According to Time, the volume of anti-affirmative action cases has vaulted since the Supreme Court determination with some minority- and woman-targeted business resources being hit with suits of their own; others have removed specific mention of DEI initiatives and policies from their websites to avoid legal trouble.
Three major law firms sued by the Alliance over fellowship programs for students of color, particularly those from underrepresented demographics in the field, expanded their programs to all students, prompting the alliance to drop the suits, Time noted.
The groups behind these suits are “ignoring” the baseline conditions of racial and gender discrimination in various sectors, Johnson argued.
“I think that these cases — and they’re successful at doing so, no doubt, because they attract a lot of attention from media and other resources — they focus attention on the discriminatory point as being [what is actually] the remedy for discrimination,” Johnson told Salon. “And I would like to see more attention paid to what are the barriers, how do we address those barriers, including by the groups that bring these suits.”
Johnson expects to see a spike in legal challenges to race-conscious programs or efforts to address racial inequality over the next few years that will result in an array of appellate rulings — and possibly a Supreme Court decision — and determine the scope of section 1981 and Title VII to address racial inequality and past or present discrimination.

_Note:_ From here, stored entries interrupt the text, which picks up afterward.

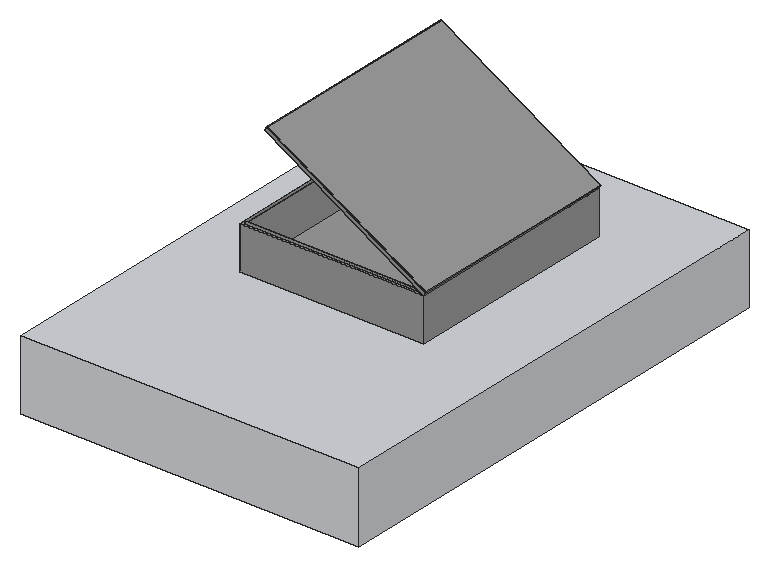
Revit family "Hager-Univers-IP54-D205-H950-Cl.II-Encl-CH-de", category Equipement électrique, Revit 2020
Family settings
  Hôte = Face
  Configuration du panneau = Deux colonnes, circuits au sein
  Cote de connecteur circulaire = Utiliser le diamètre
  Type d'élément = Tableau de raccordement
  Couper avec des vides une fois chargée = Non
  Partagée = Non
  Point de calcul de pièce = Non
Parameters (values of type "Aufputz IP54 B800 H950 T205  - FP63QSW")
  Width Control [instance] = if([EF000008 - Breite] > Min Width, [EF000008 - Breite], Min Width)  # 800 mm
  Commentaires du type = [HG000003 - Bereich]  # "Univers"
  Thickness Door [instance] = if([EF009171 - Materialstärke Tür/Deckel] > 3 mm, 3 mm, [EF009171 - Materialstärke Tür/Deckel])  # 1 mm
  Seal Frame Offset [instance] = 17 mm  # constant formula
  Plinth Visibility [instance] = [HG000027 - Sockelhöhe] > 0 mm  # no
  Model = ""
  Min Width [instance] = 100 mm  # constant formula
  Min Height [instance] = 100 mm  # constant formula
  Min Depth [instance] = (2 * [EF009170 - Materialstärke Gehäuse]) + 1 mm  # 3 mm
  Internal Frame Depth [instance] = (Door System Depth * 0.5)  # 9 mm
  Height Control [instance] = if([EF000040 - Höhe] > Min Height, [EF000040 - Höhe], Min Height)  # 950 mm
  HG000027 - Sockelhöhe = 0 mm
  HG000026 - Stehend auf dem Boden = no
  HG000024 - Höhe des unteren Teils = 800 mm
  HG000023 - Gehäuse mit doppeltem Querschnitt = no
  HG000016 - 3D-Türsichtbarkeit [instance] = yes
  HG000015 - Sichtbarkeit der Türöffnung [instance] = no
  HG000014 - Tür rechts [instance] = yes
  HG000013 - Tür links [instance] = not([HG000014 - Tür rechts])  # no
  HG000012 - Türschwenkwinkel [instance] = 30.00°
  HG000010 - Asymmetrische Türen = no
  HG000009 - Doppelflügeligen Tür = no
  HG000006 - Unterputz = no
  HG000004 - Herstellerreferenz = "FP63QSW"
  HG000003 - Bereich = "Univers"
  HG000002 - Mit tür = yes
  Frame Offset Bottom [instance] = 10 mm  # constant formula
  Frame Offset [instance] = 15 mm  # constant formula
  EF015940 - Deckel mit Überdruckentlastung = no
  EF011959 - Schutzart (NEMA) = ""
  EF009554 - Anzahl der Öffnungen für Flanschplatten = 6
  Fabricant = "Hager"  # constant formula
  EF009212 - Ausführung Deckel = "EV000116 - geschlossen"
  EF009171 - Materialstärke Tür/Deckel = 1 mm
  EF009170 - Materialstärke Gehäuse = 1 mm
  EF008873 - Nennstrom (In) = 250 A
  EF007800 - Geeignet für Blitzschutz = no
  EF006306 - Mit Schloss = no
  EF006244 - Transparenter Deckel/Tür = no
  EF005474 - Schutzart (IP) = "EV006419 - IP54"
  EF004464 - Art der Tür = "EV002646 - Einzel"
  EF004427 - Anzahl der Module = 216
  EF004293 - Schlagfestigkeit = "EV006815 - IK09"
  EF003532 - Geeignet für Außengebrauch = no
  EF002950 - Breite in Teilungseinheiten = 36
  EF001613 - Funktionserhalt = "EV000494 - ohne"
  EF001596 - Werkstoff des Gehäuses = "EV000179 - Stahl"
  EF001131 - Innentiefe = 143 mm
  EF001088 - Anbaumöglichkeit = yes
  EF000437 - Anzahl der Leitungseinführungen = 6
  EF000339 - Art der Abdeckung = "EV001012 - Deckel"
  EF000266 - Anzahl der Reihen = 6
  EF000218 - Einbautiefe = 0 mm
  EF000118 - Mit Montageplatte = no
  EF000116 - RAL-Nummer = "9010"
  EF000049 - Tiefe = 205 mm
  EF000040 - Höhe = 950 mm
  EF000008 - Breite = 800 mm
  EF000007 - Farbe = "EV000202 - weiß"
  EF000003 - Montageart = "EV000384 - Aufputz"
  Door System Leaf Tolerance [instance] = 1.5 mm  # constant formula
  Door System Depth [instance] = 18 mm  # constant formula
  Door Height [instance] = Height Control - [HG000027 - Sockelhöhe]  # 950 mm
  Depth Control [instance] = if([EF000049 - Tiefe] > Min Depth, [EF000049 - Tiefe], Min Depth)  # 205 mm
  Default Elevation = 0 mm
  Connector Offset [instance] = Height Control / 2  # 475 mm
  Bottom Top Plate Trim [instance] = 1.5 mm  # constant formula
  Plinth height Ctrl [instance] = if([HG000027 - Sockelhöhe] > 0 mm, [HG000027 - Sockelhöhe], 12 mm)  # 12 mm
Types (5, lengths in mm): name | Width Control | HG000010 - Asymmetrische Türen | HG000009 - Doppelflügeligen Tür | HG000004 - Herstellerreferenz | EF009554 - Anzahl der Öffnungen für Flanschplatten | EF004464 - Art der Tür | EF004427 - Anzahl der Module | EF002950 - Breite in Teilungseinheiten | EF001131 - Innentiefe | EF000437 - Anzahl der Leitungseinführungen | EF000339 - Art der Abdeckung | EF000008 - Breite
  Aufputz IP54 B1050 H950 T205  - FP64QSW | 1050 | no | no | "FP64QSW" | 8 | "EV003602 - Doppel" | 288 | 48 | 143 | 8 | "EV001012 - Deckel" | 1050
  Aufputz IP54 B1300 H950 T205  - FP65QSW | 1300 | yes | yes | "FP65QSW" | 10 | "EV003602 - Doppel" | 360 | 60 | 130 | 10 | "EV004216 - Tür" | 1300
  Aufputz IP54 B300 H950 T205  - FP61QSW | 300 | no | no | "FP61QSW" | 2 | "EV002646 - Einzel" | 72 | 12 | 130 | 2 | "EV004216 - Tür" | 300
  Aufputz IP54 B550 H950 T205  - FP62QSW | 550 | no | no | "FP62QSW" | 4 | "EV002646 - Einzel" | 144 | 24 | 130 | 4 | "EV001012 - Deckel" | 550
  Aufputz IP54 B800 H950 T205  - FP63QSW | 800 | no | no | "FP63QSW" | 6 | "EV002646 - Einzel" | 216 | 36 | 143 | 6 | "EV001012 - Deckel" | 800
Reference planes
  plane 1 "Center (Front/Back)": y = 0
  plane 2: z = 0
  plane 3 "Center (Left/Right)": x = 0
  plane 4: z = 205
  plane 5: y = 1
  plane 6: y = 475
  plane 7: y = 0
  plane 8: y = 950
  plane 9: z = 0
  plane 10: x = -385
  plane 11: x = 385
  plane 12: x = 384
  plane 13: x = -384
  plane 14: y = 949
  plane 15: x = -383
  plane 16: x = -400
  plane 17: x = 383
  plane 18: x = 400
  plane 19: x = 399
  plane 20: x = -399
  plane 21: y = 11
  plane 22: y = 950
  plane 23: y = 934
  plane 24: z = 187
  plane 25: z = 1
  plane 26: z = 186
  plane 27: z = 204
Forms (mm)
  Extrusion 1, solid
    sketch origin (0, 0, 0) x (1, 0, 0) y (0, 1, 0)
      loop
        line (-702.964, 1305) -> (-702.964, -811.445) -> (766.763, -811.445) -> (766.763, 1305) -> (-702.964, 1305)
    from 0 to -304.8
  Extrusion 2, solid, material "Hager_Steel_RAL7035_Light_Grey", visible <- "Plinth Visibility", detail levels medium+fine
    sketch origin (0, 0, 0) x (1, 0, 0) y (0, 1, 0)
      loop
        line (-400, 0) -> (400, 0) -> (400, 12) -> (-400, 12) -> (-400, 0)
    from 0 to 187
  Extrusion 3, solid, material "Hager_Steel_RAL7035_Light_Grey", detail levels medium+fine
    sketch origin (0, 0, 0) x (1, 0, 0) y (0, 1, 0)
      loop
        line (-400, 0) -> (400, 0) -> (400, 950) -> (-400, 950) -> (-400, 0)
    from 0 to 187
  Extrusion 4, void
    sketch origin (0, 0, 0) x (1, 0, 0) y (0, 1, 0)
      loop
        line (-399, 1) -> (399, 1) -> (399, 949) -> (-399, 949) -> (-399, 1)
    from 1 to 186
  Extrusion 5, void
    sketch origin (-381.607, -4572, 187) x (0, -1, 0) y (-1, 0, 0)
      loop
        line (-4583, 2.393) -> (-5506, 2.393) -> (-5506, -765.607) -> (-4583, -765.607) -> (-4583, 2.393)
    from 0 to 1 <- "EF009170 - Materialstärke Gehäuse"
  Extrusion 6, solid, material "Hager_Steel_RAL7035_Light_Grey", detail levels fine
    sketch origin (0, 0, 187) x (1, 0, 0) y (0, 1, 0)
      loop
        line (-384, 934) -> (-384, 11) -> (384, 11) -> (384, 934) -> (-384, 934)
      loop
        line (-385, 10) -> (385, 10) -> (385, 935) -> (-385, 935) -> (-385, 10)
    from 0 to 9 <- "Internal Frame Depth"
  Extrusion 7, solid, material "Hager_Steel_RAL7035_Light_Grey", detail levels coarse
    sketch origin (0, 0, 0) x (1, 0, 0) y (0, 1, 0)
      loop
        line (-400, 0) -> (400, 0) -> (400, 950) -> (-400, 950) -> (-400, 0)
    from 0 to 205
  Sweep 8, void
    path in 3D
      loop
        line (-400, 12, 0) -> (400, 12, 0) -> (400, 12, 187) -> (-400, 12, 187) -> (-400, 12, 0)
    profile origin (-400, 12, 93.5) x (-1, 0, 0) y (0, -1, 0)
      loop
        line (0, 0) -> (0, 1.5) -> (-1.5, 1.5)
        arc (-1.5, 1.5) -> (-1.061, 0.439) -> (0, 0) r 1.5
Cuts and joins
  Extrusion 4, Extrusion 5 cuts Extrusion 3
  Sweep 8 cuts Extrusion 2
Lines and regions (mm)
  Masking region 1
    outline origin (0, 0, 0) x (1, 0, 0) y (0, 0, 1)
      loop
        line (-400, 205) -> (-400, 0) -> (400, 0) -> (400, 205) -> (-400, 205)
  Masking region 2, detail levels medium+fine
    outline origin (0, 140, 0) x (0, 1, 0) y (0, 0, 1)
      loop
        line (-140, 0) -> (810, 0) -> (810, 187) -> (-140, 187) -> (-140, 0)
  Masking region 3, not visible, detail levels medium+fine
    outline origin (0, 297.922, 0) x (0, 1, 0) y (0, 0, 1)
      loop
        line (188.578, 0) -> (228.578, 0) -> (228.578, 194)
        arc (228.578, 194) -> (225.649, 201.071) -> (218.578, 204) r 10
        line (218.578, 204) -> (188.578, 204) -> (188.578, 0)
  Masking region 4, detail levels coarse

“Fearless Fund is really just the tip of the iceberg,” Russell said, adding that these “challenges are not just legal challenges. They are very much rhetorical challenges to try to change public perceptions of what racial equality means.”
“If I were writing about this I would want to know, why is this the goal of these organizations? What kind of America do they want to see at the end? Who’s financing them?” Johnson added, “because they adopt a very zero-sum view of economic prosperity in this country, and I think ultimately, that’s a dangerous thing. We have to think about how we’re going to design an inclusive democracy.”